In fact, Friedman worries more about a different audience unintentionally finding her thirst traps: potential employers. As an academic at a liberal arts college, Friedman is currently on the hunt for teaching gigs. While she knows posting hot pics of her in a bikini doesn't make her a bad teacher, the people hiring her might not feel the same way. It's a consideration to keep in mind when posting racy photos on social media—and the kind of foresight Friedman believes should factor into "posting...anything, really!"

Jazzmyne Robbins.

"I don’t believe we are doing anything wrong when we post celebrations of ourselves," she adds. "I think we are actually doing something very right. And while I will always stress safety and comfort first... I will also always, always, always support everyone’s right to post thirst traps on the internet. It’s 2020, and joy is scarce—if we can’t post hot photos of our butts online and celebrate each other, what the fuck are we here for?"

Jazzmyne Robbins, a queer Instagram influencer and a producer for Buzzfeed's "As/Is" digital series, tells me she rarely considers the potential for unwanted attention when uploading thirst traps to Insta.

"I post photos for me, and then for my followers that I know support me," Robbins says. "I do understand that anyone can see anything that I post, and sometimes I will get comments that are not cool to look at, but I just delete the comments." She likens deleting disparaging comments on her posts to weeding out toxic people in her life: "I wouldn't keep people in my life who make me feel bad, so I'm not going to keep comments on my Instagram that me feel bad."

As for what makes a perfect, eye-catching thirst trap? Good lighting and a strong image composition help. It might sound obvious, but Friedman also stresses the importance of actually feeling good during the photo-taking process.

"At the end of the day, the main point of a selfie or a thirst trap for me is just to feel good in my body," she adds. "Like, This is my face, this is my body, I like myself even on days when I don’t like capital-L Love myself, please enjoy this glimpse of myself."

Robbins agrees and describes her goal aesthetic as "pure confidence pouring out." "That's what I'm going for," she says. "It does start with [intention] because if you are trying to impress others or do something not true to you, the picture will not be good!"

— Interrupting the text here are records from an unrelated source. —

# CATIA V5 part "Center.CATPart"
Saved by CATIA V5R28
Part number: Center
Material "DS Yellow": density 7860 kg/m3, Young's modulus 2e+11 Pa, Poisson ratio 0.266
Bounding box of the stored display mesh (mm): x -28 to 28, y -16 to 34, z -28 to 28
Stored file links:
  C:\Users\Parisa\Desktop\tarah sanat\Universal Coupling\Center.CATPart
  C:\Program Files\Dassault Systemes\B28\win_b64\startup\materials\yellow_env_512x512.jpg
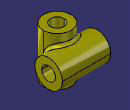
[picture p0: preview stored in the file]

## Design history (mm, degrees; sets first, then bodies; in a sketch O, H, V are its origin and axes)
Body1 "Center" (main body), material "DS Yellow"
  Sketch1 on xy-plane, origin (0, 0, 0), H (1, 0, 0), V (0, 1, 0)
    circle A1 centre (0, 0) radius 16
    radius A1 = 16
  Pad1: profile Sketch1, direction (0, 0, 1), length 28, mirrored extent
  Sketch2 on yz-plane, origin (0, 0, 0), H (0, 1, 0), V (0, 0, 1)
    circle A1 centre (18, 0) radius 16
    point P1 (18, 0)
    radius A1 = 16
    distance P1 V = 18
    coincidence: P1 H
  Pad2: profile Sketch2, direction (1, 0, 0), length 28, mirrored extent
  Sketch3 on xy-plane, origin (0, 0, 0), H (1, 0, 0), V (0, 1, 0)
    circle A1 centre (0, 0) radius 8
    radius A1 = 8
  Pocket1: profile Sketch3, direction (0, 0, -1), length 28, mirrored extent
  Sketch4 on yz-plane, origin (0, 0, 0), H (0, 1, 0), V (0, 0, 1)
    circle A1 centre (18, 0) radius 8
    point P1 (18, 0)
    radius A1 = 8
    distance P1 V = 18
    coincidence: P1 H
  Pocket2: profile Sketch4, direction (-1, 0, 0), length 28, mirrored extent
  Fillet1: radius 3, on edge [face of Pad1 from Sketch1.A1 | face of Pad2 from Sketch2.A1]
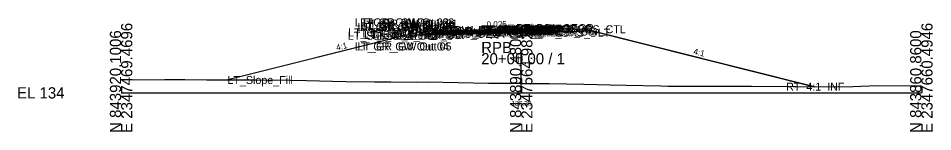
# Model space of a CAD drawing. Extents: x -76 to 2347760, y -10 to 844216.
# Drawn here: x -25.7 to 202.8, y 4990.3 to 5018.6 of the extents above; entities that cross this region are included whole.
import ezdxf

# ---------------------------------------------------------------- set-up
doc = ezdxf.new("R2010")
doc.units = 0
for name, color, linetype in [('Default', 7, 'Continuous'), ('Exist Cross Section Cell', 7, 'Continuous'), ('Exist XS Center Line Elevation Label', 7, 'Continuous'), ('Exist XS Ground Line', 7, 'Continuous'), ('Prop CMT Pvmt Course 1', 7, 'Continuous'), ('Prop CMT Pvmt Course 2', 7, 'Continuous'), ('Prop CMT Pvmt Course 3', 7, 'Continuous'), ('Prop CMT Pvmt Surface', 7, 'Continuous'), ('Prop CMT Pvmt Surface Shoulder', 7, 'Continuous'), ('Prop CMT Shld Paved Course 1', 7, 'Continuous'), ('Prop CMT Shld Paved Course 2', 7, 'Continuous'), ('Prop CMT Shld Paved Course 3', 7, 'Continuous'), ('Prop CMT Slope Grass', 7, 'Continuous'), ('Prop CMT Subgrade Earthwork', 7, 'Continuous'), ('Prop XS Earthwork Shape', 7, 'Continuous'), ('Prop XS SE Text', 7, 'Continuous'), ('Prop XS Side Slope Text', 7, 'Continuous'), ('Scratch_Level_0', 7, 'Continuous')]:
    doc.layers.add(name, color=color, linetype=linetype)

msp = doc.modelspace()

# ---------------------------------------------------------------- linework, layer by layer
at = {"layer": 'Exist Cross Section Cell'}
for p, q in [((100, 5000), (100, 5009.92)), ((0, 5000), (100, 5000)), ((100, 5000), (200, 5000))]:
    msp.add_line(p, q, dxfattribs=at)
at = {"layer": 'Exist XS Ground Line'}
msp.add_lwpolyline([(0, 5003.31), (0.78, 5003.29), (10.96, 5003.3), (15.95, 5003.3), (21.43, 5003.28), (31.13, 5003.23), (31.9, 5003.23), (33.62, 5003.22), (42.37, 5003.14), (46.31, 5003.05), (52.84, 5002.91), (56.29, 5002.85), (63.31, 5002.79), (67.38, 5002.78), (73.78, 5002.7), (76.66, 5002.73), (84.25, 5002.6), (91.84, 5002.46), (94.72, 5002.42), (100, 5002.38), (101.15, 5002.37), (105.19, 5002.33), (107.01, 5002.31), (115.66, 5002.21), (122.19, 5001.99), (126.13, 5001.9), (134.91, 5001.73), (136.6, 5001.71), (137.37, 5001.7), (147.07, 5001.65), (152.54, 5001.68), (157.54, 5001.67), (168.01, 5001.6), (168.67, 5001.59), (178.48, 5001.47), (182.9, 5001.58), (188.95, 5001.81), (198.07, 5001.74), (199.43, 5001.77), (200, 5001.78)], dxfattribs=at)
at = {"layer": 'Prop CMT Pvmt Course 1'}
for p, q in [((100, 5015.95), (88, 5015.65)), ((88, 5015.4), (100, 5015.7)), ((88, 5015.65), (88, 5015.4)), ((100, 5015.95), (104, 5016.05)), ((100, 5015.7), (100, 5015.95)), ((100, 5015.7), (100, 5015.95)), ((100, 5015.7), (100, 5015.82)), ((100, 5015.82), (100, 5015.82)), ((100, 5015.82), (100, 5015.7)), ((100, 5015.7), (100, 5015.82)), ((100, 5015.82), (100, 5015.82)), ((100, 5015.82), (100, 5015.7)), ((104, 5015.8), (100, 5015.7)), ((100, 5015.7), (100, 5015.7)), ((100, 5015.7), (100, 5015.7)), ((104, 5016.05), (104, 5015.8))]:
    msp.add_line(p, q, dxfattribs=at)
at = {"layer": 'Prop CMT Pvmt Course 2'}
for p, q in [((100, 5015.7), (88, 5015.4)), ((88, 5015.4), (88, 5015.07)), ((88, 5015.07), (100, 5015.37)), ((100, 5015.7), (104, 5015.8)), ((100, 5015.37), (100, 5015.7)), ((100, 5015.37), (100, 5015.7)), ((104, 5015.47), (100, 5015.37)), ((104, 5015.8), (104, 5015.47))]:
    msp.add_line(p, q, dxfattribs=at)
at = {"layer": 'Prop CMT Pvmt Course 3'}
for p, q in [((100, 5015.37), (88, 5015.07)), ((88, 5015.07), (88, 5014.73)), ((88, 5014.73), (100, 5015.03)), ((100, 5015.37), (104, 5015.47)), ((100, 5015.03), (100, 5015.37)), ((100, 5015.03), (100, 5015.37)), ((104, 5015.13), (100, 5015.03)), ((104, 5015.47), (104, 5015.13))]:
    msp.add_line(p, q, dxfattribs=at)
at = {"layer": 'Prop CMT Pvmt Surface'}
for q in [(88, 5015.65), (104, 5016.05)]:
    msp.add_line((100, 5015.95), q, dxfattribs=at)
at = {"layer": 'Prop CMT Pvmt Surface Shoulder'}
for p, q in [((88, 5015.65), (78, 5015.4)), ((104, 5016.05), (108, 5016.15))]:
    msp.add_line(p, q, dxfattribs=at)
at = {"layer": 'Prop CMT Shld Paved Course 1'}
for p, q in [((78, 5015.4), (77.74, 5015.14)), ((77.74, 5015.14), (88, 5015.4)), ((88, 5015.65), (78, 5015.4)), ((88, 5015.4), (88, 5015.65)), ((104, 5016.05), (108, 5016.15)), ((104, 5015.8), (104, 5016.05)), ((108.24, 5015.9), (104, 5015.8)), ((108, 5016.15), (108.24, 5015.9))]:
    msp.add_line(p, q, dxfattribs=at)
at = {"layer": 'Prop CMT Shld Paved Course 2'}
for p, q in [((77.74, 5015.14), (77.4, 5014.8)), ((77.4, 5014.8), (88, 5015.07)), ((88, 5015.4), (77.74, 5015.14)), ((88, 5015.07), (88, 5015.4)), ((104, 5015.8), (108.24, 5015.9)), ((104, 5015.47), (104, 5015.8)), ((108.57, 5015.58), (104, 5015.47)), ((108.24, 5015.9), (108.57, 5015.58))]:
    msp.add_line(p, q, dxfattribs=at)
at = {"layer": 'Prop CMT Shld Paved Course 3'}
for p, q in [((76.9, 5014.79), (76.56, 5014.45)), ((76.56, 5014.45), (88, 5014.73)), ((77.4, 5014.8), (76.9, 5014.79)), ((88, 5015.07), (77.4, 5014.8)), ((88, 5014.73), (88, 5015.07)), ((104, 5015.47), (108.57, 5015.58)), ((104, 5015.13), (104, 5015.47)), ((109.39, 5015.27), (104, 5015.13)), ((108.57, 5015.58), (109.07, 5015.59)), ((109.07, 5015.59), (109.39, 5015.27))]:
    msp.add_line(p, q, dxfattribs=at)
at = {"layer": 'Prop CMT Slope Grass'}
for p, q in [((74, 5015.08), (26.7, 5003.25)), ((78, 5015.4), (74, 5015.08)), ((108, 5016.15), (116, 5015.87)), ((116, 5015.87), (173.33, 5001.54))]:
    msp.add_line(p, q, dxfattribs=at)
at = {"layer": 'Prop CMT Subgrade Earthwork'}
for p, q in [((76.56, 5014.45), (70.9, 5014.3)), ((88, 5014.73), (76.56, 5014.45)), ((100, 5015.03), (88, 5014.73)), ((100, 5015.03), (104, 5015.13)), ((104, 5015.13), (117.59, 5015.47))]:
    msp.add_line(p, q, dxfattribs=at)
at = {"layer": 'Prop XS Earthwork Shape'}
msp.add_lwpolyline([(100, 5015.03), (88, 5014.73), (76.56, 5014.45), (70.9, 5014.3), (26.7, 5003.25), (31.13, 5003.23), (31.9, 5003.23), (33.62, 5003.22), (42.37, 5003.14), (46.31, 5003.05), (52.84, 5002.91), (56.29, 5002.85), (63.31, 5002.79), (67.38, 5002.78), (73.78, 5002.7), (76.66, 5002.73), (84.25, 5002.6), (91.84, 5002.46), (94.72, 5002.42), (100, 5002.38), (101.15, 5002.37), (105.19, 5002.33), (107.01, 5002.31), (115.66, 5002.21), (122.19, 5001.99), (126.13, 5001.9), (134.91, 5001.73), (136.6, 5001.71), (137.37, 5001.7), (147.07, 5001.65), (152.54, 5001.68), (157.54, 5001.67), (168.01, 5001.6), (168.67, 5001.59), (173.33, 5001.54), (117.59, 5015.47), (104, 5015.13)], close=True, dxfattribs=at)

# ---------------------------------------------------------------- texts
at = {"layer": 'Default'}
msp.add_text('-', height=0.0001, dxfattribs=at).set_placement((0, 5000))
at = {"layer": 'Exist Cross Section Cell'}
for s, p in [('E 2347469.4696', (2.8, 4990)), ('E 2347564.9821', (102.8, 4990)), ('E 2347660.4946', (202.8, 4990)), ('N 843920.1006', (0, 4990)), ('N 843890.4803', (100, 4990)), ('N 843860.8600', (200, 4990))]:
    msp.add_text(s, height=2.8, rotation=90, dxfattribs=at).set_placement(p)
for s, p in [('RPB', (90, 5009.92)), ('20+00.00 / 1', (90, 5007.12)), ('EL 134', (-26, 4998.6))]:
    msp.add_text(s, height=2.8, dxfattribs=at).set_placement(p)
at = {"layer": 'Exist XS Center Line Elevation Label'}
msp.add_text('136.38', height=1.2, dxfattribs=at).set_placement((97.52, 4996.78))
at = {"layer": 'Prop XS SE Text'}
msp.add_text('0.025', height=1.5, rotation=1.4321, dxfattribs=at).set_placement((91.38, 5016.31))
at = {"layer": 'Prop XS Side Slope Text'}
for rotation, p in [(14.0362, (53.93, 5010.52)), (345.9638, (142.94, 5009.69))]:
    msp.add_text('4:1', height=1.5, rotation=rotation, dxfattribs=at).set_placement(p)
at = {"layer": 'Scratch_Level_0'}
for s, p in [('LT_GR_GW Out 03', (58.43, 5016.58)), ('LT_GR_GW Out 02', (59.77, 5016.58)), ('LT_GR_GW Out 06', (59.05, 5015.41)), ('LT_GR_GW Out 09', (59.77, 5015.99)), ('LT_GR_GW Out 07', (59.77, 5015.41)), ('LT_GR_GW Out 08', (60.04, 5015.7)), ('LT_GR_GW Out 01', (60.6, 5016.29)), ('LT_PS1_OEOP', (68.8, 5014.4)), ('LT_PV2_OEOT', (78.17, 5014.4)), ('LT_PV1_OEOT', (78.74, 5014.65)), ('RT_PV2_OEEOP', (89.26, 5014.7)), ('RT_PV3_OEEOP', (89.26, 5014.37)), ('LT_PV2_OEEOP', (89.31, 5014.7)), ('LT_PV3_OEEOP', (89.31, 5014.37)), ('RT_PV1_OEEOP', (89.83, 5014.82)), ('LT_PV1_OEEOP', (89.87, 5014.82)), ('RT_PV2_IEEOP', (89.91, 5014.7)), ('LT_PV2_IEEOP', (89.95, 5014.7)), ('RT_PV1_IEEOP', (90.47, 5014.82)), ('LT_PV1_IEEOP', (90.52, 5014.82)), ('RT_Sub_Trench_Out', (93.55, 5014.27)), ('PV2_PGL', (93.91, 5014.7)), ('RT_PV2_OEOT', (94.13, 5014.8)), ('RT_PV3_OEOT', (94.13, 5014.47)), ('PV1_PGL', (94.47, 5014.95)), ('RT_PV1_OEOT', (94.69, 5015.05)), ('RT_PS3_Shelf_Out', (95.01, 5014.59)), ('RT_PS2_OEOP', (98.43, 5014.9)), ('RT_PS1_OEOP', (98.76, 5015.15)), ('RT_PS3_OEOP', (98.76, 5014.58)), ('RT_GS_OS_CTL', (105.32, 5014.87)), ('LT_Sub_OSS_DLT', (56.67, 5013.26)), ('LT_GS_OS_GR_Face_GW', (56.75, 5014.08)), ('LT_GS_OS_CTL', (60.36, 5013.84)), ('LT_Sub_Trench_Out', (60.76, 5013.45)), ('LT_PS3_Shelf_Out', (62.89, 5013.79)), ('LT_PS3_OEOP', (67.64, 5013.8)), ('LT_PS2_OEOP', (67.98, 5014.14)), ('LT_Sub_OEOT', (78.08, 5013.73)), ('LT_PV3_OEOT', (78.17, 5014.07)), ('RT_Sub_OEEOP', (89.17, 5014.03)), ('LT_Sub_OEEOP', (89.21, 5014.03)), ('RT_Sub_OEOT', (94.03, 5014.13)), ('RT_Sub_OSS_DLT', (98.75, 5014.01)), ('LT_GR_GW Out 04', (58.43, 5010.58)), ('LT_GR_GW Out 05', (59.1, 5010.58)), ('LT_Slope_Fill', (26.58, 5002.2)), ('RT_4:1_INF', (166.21, 5000.54))]:
    msp.add_text(s, height=2, dxfattribs=at).set_placement(p)

doc.saveas('drawing.dxf')

There's some vanity inherent to taking and uploading saucy selfies, sure, but thirst traps are—well, more than just skin-deep. They're an exercise in complete control over one's image—which, for women and members of the LGBTQ community, is a rarity. They're also tools for attracting romantic and sexual partners, and for self-care through body positivity and self-love. And if that's not a radical political act, then I don't know what is.